Financial markets and corporate treasuries reacted with caution. Some analysts said the mere prospect of less frequent reporting could alter trading patterns and corporate behavior: with fewer disclosure points each year, earnings surprises might be larger and enforcement of insider-trading safeguards would face new tests. Others argued that the effect on major, liquid stocks would be muted because large investors routinely demand regular updates; the biggest practical impact could fall on smaller public companies and on retail investors who rely on frequent information to make allocation decisions.
Industry groups and prominent executives were split. Supporters from some corners of corporate America said the change would reduce compliance costs and pressure to meet quarterly targets — a criticism echoed over the years by figures such as Warren Buffett and Jamie Dimon, who have warned against short-termism. Opponents, including investor-rights groups and some academics, argued that lowering disclosure frequency risks hiding adverse developments until they become crises, and could disproportionately disadvantage smaller shareholders who cannot access private channels of information.
Beyond the domestic policy battle, the debate also has an international dimension. Major capital markets differ in reporting cadence — many European and some Asian markets operate on semiannual reporting cycles — and proponents say allowing flexibility could align U.S. practice with global peers. Skeptics counter that the U.S. market’s premium valuation is in part rooted in higher transparency and liquidity; any perceived dilution of disclosure standards could raise questions among global investors about the relative safety of listing in the United States.
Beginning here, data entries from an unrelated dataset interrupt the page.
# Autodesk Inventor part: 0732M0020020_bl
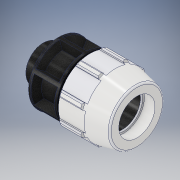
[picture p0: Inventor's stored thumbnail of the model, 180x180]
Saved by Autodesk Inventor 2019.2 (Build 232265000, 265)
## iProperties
Created: 2017-02
Part Number: 0732M0020020_bl
Material: PVC-Piping
Description: PLASSON SHOULDERED ADAPTOR 2''-2''
Document SubType Name: Modeling
Designer: KIM
Mass: 92.6774 g
Surface Area: 199.44 cm^2
Volume: 66.1981 cm^3
Density: 1.4 g/cm^3
Appearance: PTFE
Author: KIM
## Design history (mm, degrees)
derived "0732M.ipt"
feature "Solid1::0732M.ipt" dims "ScaleForDerivedMember" = 10
tag "TaggingFeature1"
body "Solid1"
other parameters: "d2" = 60.1 [user parameter], "d4" = 22.27943 [user parameter], "d5" = 38.989 [user parameter], "d7" = 113.03 [user parameter], "d9" = 22.27943 [user parameter], "d11" = 4.45589 [user parameter], "d12" = 90.424 [user parameter], "d13" = 120 deg [user parameter], "d14" = 90.15 [user parameter], "d15" = 12 deg [user parameter], "d16" = 101.727 [user parameter], "d18" = 3.005 [user parameter], "d19" = 35 deg [user parameter], "d20" = 17.5 deg [user parameter], "d21" = 105.1179 [user parameter], "d23" = 0 [user parameter], "d25" = 360 deg [user parameter], "d27" = 2.2606 [user parameter], "d34" = 5.6515 [user parameter], "d36" = 0 [user parameter], "d42" = 38.989 [user parameter], "d43" = 3.3909 [user parameter], "d46" = 1.803 [user parameter], "d51" = 155.956 [user parameter], "d53" = 1.202 [user parameter], "d55" = 360 deg [user parameter], "d58" = 47.6912 [user parameter], "d62" = 122.936 [user parameter], "d63" = 16.002 [user parameter], "d64" = 59.614 [user parameter], "d65" = 4.45589 [user parameter], "d66" = 38.989 [user parameter], "d67" = 75.125 [user parameter], "d68" = 70 deg [user parameter], "d69" = 1.27 [user parameter], "d" = 60.1 [user parameter], "E_" = 113.03 [user parameter], "H_" = 155.956 [user parameter], "l_" = 122.936 [user parameter], "L" = 16.002 [user parameter], "B" = 59.614 [user parameter]

Analysis — trade-offs between cost, clarity and investor trust
At its core, the debate is about balancing regulatory cost and managerial latitude against investor protection and market efficiency. The argument for semiannual reporting is persuasive as a policy aim: it targets the very real pressure on executives to meet short-term earnings targets and the growing cost of compliance. But the counterargument is equally robust: financial markets function only if information flows with predictable frequency and quality. Reducing that cadence without compensating measures — stronger real-time disclosure rules, tougher insider-trading enforcement, or mandatory event-driven reporting — risks tilting the information advantage toward professional and institutional players.
Practically, any material loosening of quarterly requirements would probably be optional and gradual. Exchanges and the SEC are likely to craft safe-harbour provisions, phased pilots, or opt-in regimes (as LTSE has proposed) rather than a blunt, across-the-board repeal. The key political question is whether the administration and bipartisan congressional leaders will press for accelerated change; for now the conversation is largely at the level of advocacy and agency review.
For investors, the takeaway is to expect prolonged consultation, a lot of industry lobbying, and selective pilot programs rather than an immediate overhaul. And for corporate managers, the debate signals that governance and investor relations will remain central to market access — even in a world with fewer mandated reporting dates, credible, frequent voluntary communication would remain a practical necessity.